While the approach is effective in the lab, the challenge, and key focus for the Pfizer-Tekmira partnership, is in finding a way to effectively deliver siRNA molecules to the desired target cell in vivo.
Under the new research deal, financial terms of which were not disclosed, Pfizer will asses Tekmira’s lipid nanoparticle (LNP) technology for its ability to encapsulate and deliver candidates from its portfolio siRNA drugs in preclinical models.
Mark Murray, Tekmira CEO, said “Pfizer…has made a commitment to the development of nucleic acid therapeutics,” adding that “the collaboration combines Tekmira’s expertise in the delivery of RNAi therapeutics with Pfizer’s research excellence in nucleic acid therapeutics.”
But, while a research partnership with the world’s largest drugmaker is obviously a boost for Tekmira, as evidenced by a 20 per cent leap in price on the Toronto Stock exchange, the company will continue to seek development partners according to Dr Murray.
“We continue to collaborate with pharmaceutical and biotechnology companies thereby broadening the use of our leading SNALP delivery platform.

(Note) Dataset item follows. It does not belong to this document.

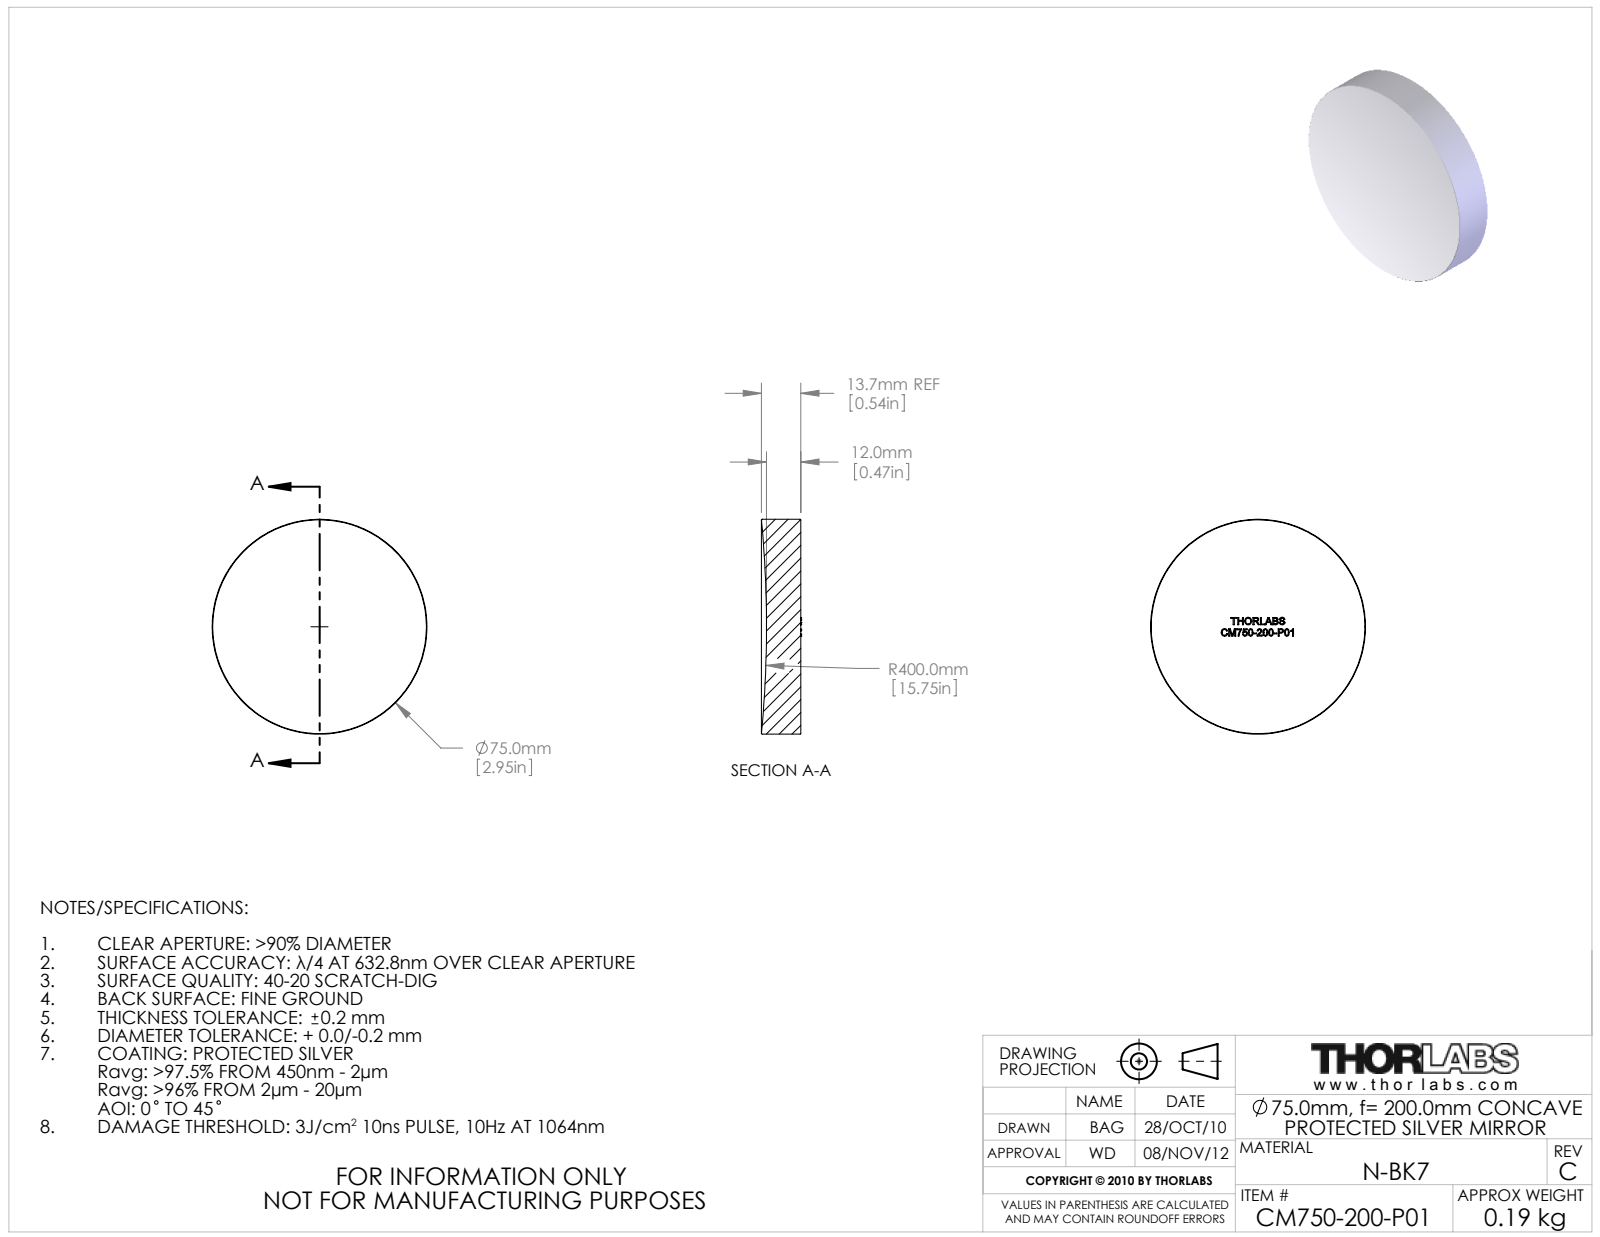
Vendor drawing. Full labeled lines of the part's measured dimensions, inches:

Our goal is to sign additional collaborative agreements in 2010.”
Tekmira is already working to develop SNALP with other pharmaceutical and biotechnology firms, including Swiss drugmaker Roche and US firm Anlylam Pharmaceuticals.
The company also has a similar research agreement to the Pfizer partnership with Bristol-Myers Squibb (B-MS) which, as Desjardins Securities analysts Pooya Hemami told Reuters, further validates SNALP.
“If companies like Bristol-Myers Squibb and Pfizer… were to develop more comprehensive licensing agreements, it would be very positive to the extent of the depth of the potential revenue for the technology."